Too much work for oatmeal, so coffee and doughnut it is. Neither one tastes like anything. Fuel for the body and brain is all.

And then it's off five blocks north. A weatherbeaten, white sign made dingy grey by the last winter and neglect, informs me that this is Main Street Used Bookstore. So much for originality. Maybe I'll have to change the name.

My key thankfully works, though the lock is a bit stubborn before yielding. When I step inside, I'm enveloped in that smell of must and dust so common to old books. I'm not surprised to see hand-written signs in an array of colored marker designating sections. Industry standard in a business that has profit margins more slender than a heroin addict. Why am I doing this again?
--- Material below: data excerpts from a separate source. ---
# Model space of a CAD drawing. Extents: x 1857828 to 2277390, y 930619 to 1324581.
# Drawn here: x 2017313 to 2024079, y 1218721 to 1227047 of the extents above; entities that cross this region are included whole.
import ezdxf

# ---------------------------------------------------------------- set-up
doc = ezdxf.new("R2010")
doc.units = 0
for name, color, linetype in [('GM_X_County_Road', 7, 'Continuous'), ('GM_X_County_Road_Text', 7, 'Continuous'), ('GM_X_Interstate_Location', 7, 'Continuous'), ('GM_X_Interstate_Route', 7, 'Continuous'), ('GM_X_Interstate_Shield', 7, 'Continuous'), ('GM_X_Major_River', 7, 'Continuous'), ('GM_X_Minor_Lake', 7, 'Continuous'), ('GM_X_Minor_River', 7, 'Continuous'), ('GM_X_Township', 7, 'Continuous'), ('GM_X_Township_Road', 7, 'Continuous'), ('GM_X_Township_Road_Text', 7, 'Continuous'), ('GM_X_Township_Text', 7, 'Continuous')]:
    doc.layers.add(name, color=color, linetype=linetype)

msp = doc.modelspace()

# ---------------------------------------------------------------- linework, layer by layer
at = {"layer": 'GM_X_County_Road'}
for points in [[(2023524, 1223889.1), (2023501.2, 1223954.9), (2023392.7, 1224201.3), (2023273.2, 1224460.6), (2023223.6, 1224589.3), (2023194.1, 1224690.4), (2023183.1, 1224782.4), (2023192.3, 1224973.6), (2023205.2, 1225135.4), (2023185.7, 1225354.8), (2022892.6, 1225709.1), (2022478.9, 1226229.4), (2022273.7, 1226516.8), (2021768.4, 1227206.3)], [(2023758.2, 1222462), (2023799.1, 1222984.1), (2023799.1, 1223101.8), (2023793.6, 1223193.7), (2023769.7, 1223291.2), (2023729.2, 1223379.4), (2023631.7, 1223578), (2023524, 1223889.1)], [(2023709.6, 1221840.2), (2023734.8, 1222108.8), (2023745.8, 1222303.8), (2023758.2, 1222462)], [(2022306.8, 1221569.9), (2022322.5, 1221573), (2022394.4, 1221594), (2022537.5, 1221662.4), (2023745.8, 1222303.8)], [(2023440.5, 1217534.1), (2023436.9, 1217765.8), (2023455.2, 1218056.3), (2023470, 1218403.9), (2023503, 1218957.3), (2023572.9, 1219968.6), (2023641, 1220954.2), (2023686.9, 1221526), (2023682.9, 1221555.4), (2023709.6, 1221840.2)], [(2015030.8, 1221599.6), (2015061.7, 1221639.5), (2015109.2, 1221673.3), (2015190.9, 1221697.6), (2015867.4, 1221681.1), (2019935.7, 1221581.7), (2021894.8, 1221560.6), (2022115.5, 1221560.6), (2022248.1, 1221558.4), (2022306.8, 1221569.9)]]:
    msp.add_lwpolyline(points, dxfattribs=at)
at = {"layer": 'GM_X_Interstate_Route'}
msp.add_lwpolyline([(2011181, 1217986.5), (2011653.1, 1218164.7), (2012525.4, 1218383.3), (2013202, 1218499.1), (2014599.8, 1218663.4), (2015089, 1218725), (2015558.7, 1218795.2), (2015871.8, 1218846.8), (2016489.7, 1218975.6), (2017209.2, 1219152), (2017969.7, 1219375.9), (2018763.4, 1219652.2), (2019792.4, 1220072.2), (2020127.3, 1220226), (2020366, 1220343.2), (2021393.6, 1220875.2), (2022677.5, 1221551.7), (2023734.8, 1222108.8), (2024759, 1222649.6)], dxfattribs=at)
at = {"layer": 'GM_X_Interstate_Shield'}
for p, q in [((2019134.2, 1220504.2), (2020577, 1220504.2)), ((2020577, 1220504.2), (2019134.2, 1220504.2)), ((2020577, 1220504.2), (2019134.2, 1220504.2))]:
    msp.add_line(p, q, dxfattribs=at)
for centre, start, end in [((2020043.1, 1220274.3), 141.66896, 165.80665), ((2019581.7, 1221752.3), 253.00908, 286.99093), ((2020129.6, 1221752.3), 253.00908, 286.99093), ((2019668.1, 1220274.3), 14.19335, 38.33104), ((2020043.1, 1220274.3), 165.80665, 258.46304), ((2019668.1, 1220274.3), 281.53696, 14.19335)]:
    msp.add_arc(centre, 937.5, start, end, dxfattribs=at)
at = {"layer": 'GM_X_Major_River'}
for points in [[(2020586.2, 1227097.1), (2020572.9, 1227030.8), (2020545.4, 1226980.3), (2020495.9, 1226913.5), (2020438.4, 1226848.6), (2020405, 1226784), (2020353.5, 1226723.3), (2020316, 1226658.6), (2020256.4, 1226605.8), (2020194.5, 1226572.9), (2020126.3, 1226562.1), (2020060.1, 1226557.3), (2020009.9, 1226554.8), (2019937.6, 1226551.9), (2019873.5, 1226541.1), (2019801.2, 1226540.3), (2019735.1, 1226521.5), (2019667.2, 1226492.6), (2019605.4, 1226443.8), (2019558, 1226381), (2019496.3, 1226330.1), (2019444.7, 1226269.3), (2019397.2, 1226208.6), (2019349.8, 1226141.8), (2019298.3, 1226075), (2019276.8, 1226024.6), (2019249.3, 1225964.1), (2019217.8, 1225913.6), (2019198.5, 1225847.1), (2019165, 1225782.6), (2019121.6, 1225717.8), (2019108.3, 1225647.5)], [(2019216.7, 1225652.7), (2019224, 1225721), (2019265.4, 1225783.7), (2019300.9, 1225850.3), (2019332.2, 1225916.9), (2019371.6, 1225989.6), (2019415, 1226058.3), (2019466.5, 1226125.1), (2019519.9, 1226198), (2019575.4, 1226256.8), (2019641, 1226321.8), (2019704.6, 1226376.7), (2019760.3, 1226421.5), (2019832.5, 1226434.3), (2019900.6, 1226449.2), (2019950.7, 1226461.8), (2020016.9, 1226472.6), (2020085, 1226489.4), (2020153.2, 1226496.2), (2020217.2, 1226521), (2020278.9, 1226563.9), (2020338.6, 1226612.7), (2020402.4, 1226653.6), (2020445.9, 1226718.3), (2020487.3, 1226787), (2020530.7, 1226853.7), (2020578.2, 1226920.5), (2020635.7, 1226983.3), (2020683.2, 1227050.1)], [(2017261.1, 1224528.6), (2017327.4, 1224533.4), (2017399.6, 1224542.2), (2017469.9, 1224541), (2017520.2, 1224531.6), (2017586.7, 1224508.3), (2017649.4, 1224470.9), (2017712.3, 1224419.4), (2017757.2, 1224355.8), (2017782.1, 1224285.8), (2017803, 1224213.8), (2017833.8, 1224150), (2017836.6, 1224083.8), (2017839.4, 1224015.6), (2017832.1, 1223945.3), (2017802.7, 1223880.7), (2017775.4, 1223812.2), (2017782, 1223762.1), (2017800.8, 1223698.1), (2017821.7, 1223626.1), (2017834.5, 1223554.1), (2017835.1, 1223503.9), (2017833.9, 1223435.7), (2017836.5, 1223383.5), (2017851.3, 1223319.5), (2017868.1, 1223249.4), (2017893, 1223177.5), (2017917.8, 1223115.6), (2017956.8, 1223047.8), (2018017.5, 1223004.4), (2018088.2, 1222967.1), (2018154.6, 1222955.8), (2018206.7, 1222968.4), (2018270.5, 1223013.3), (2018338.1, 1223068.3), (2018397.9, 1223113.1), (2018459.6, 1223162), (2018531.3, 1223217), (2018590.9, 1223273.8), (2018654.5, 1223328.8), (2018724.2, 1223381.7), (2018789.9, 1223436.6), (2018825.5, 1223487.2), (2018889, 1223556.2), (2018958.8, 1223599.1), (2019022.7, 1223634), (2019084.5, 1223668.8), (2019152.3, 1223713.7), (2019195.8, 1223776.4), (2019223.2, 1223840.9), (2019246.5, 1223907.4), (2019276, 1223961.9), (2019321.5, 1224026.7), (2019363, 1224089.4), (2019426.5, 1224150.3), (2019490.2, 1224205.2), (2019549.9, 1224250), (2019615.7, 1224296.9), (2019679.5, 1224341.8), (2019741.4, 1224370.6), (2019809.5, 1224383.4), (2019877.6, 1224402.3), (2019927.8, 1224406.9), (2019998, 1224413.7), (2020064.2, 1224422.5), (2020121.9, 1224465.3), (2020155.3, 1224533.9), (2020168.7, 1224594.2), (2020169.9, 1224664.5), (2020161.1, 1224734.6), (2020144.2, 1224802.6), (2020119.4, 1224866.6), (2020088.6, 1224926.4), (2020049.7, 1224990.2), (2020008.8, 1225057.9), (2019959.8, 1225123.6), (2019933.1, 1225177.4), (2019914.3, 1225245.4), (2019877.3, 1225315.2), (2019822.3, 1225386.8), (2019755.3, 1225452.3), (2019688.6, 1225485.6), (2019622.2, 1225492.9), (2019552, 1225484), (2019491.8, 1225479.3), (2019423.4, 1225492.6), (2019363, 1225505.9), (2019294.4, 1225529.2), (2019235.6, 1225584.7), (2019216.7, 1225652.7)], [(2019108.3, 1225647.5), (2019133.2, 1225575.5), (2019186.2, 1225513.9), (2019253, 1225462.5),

The warped wood floors creak with every step as I wander around aimlessly. There's probably asbestos waiting to kill me. Oh well. I'm staring at a pile of World War 2 books that are haphazardly stacked on the floor due to bursting shelves when the bell tinkles overhead with someone opening the door.

It's a tiny woman with electric socket shocked white hair and a face writ with wrinkles.

"Hello! You must be the new owner! I'm Matilda Swan, though you can call me Mattie. Are you open yet?"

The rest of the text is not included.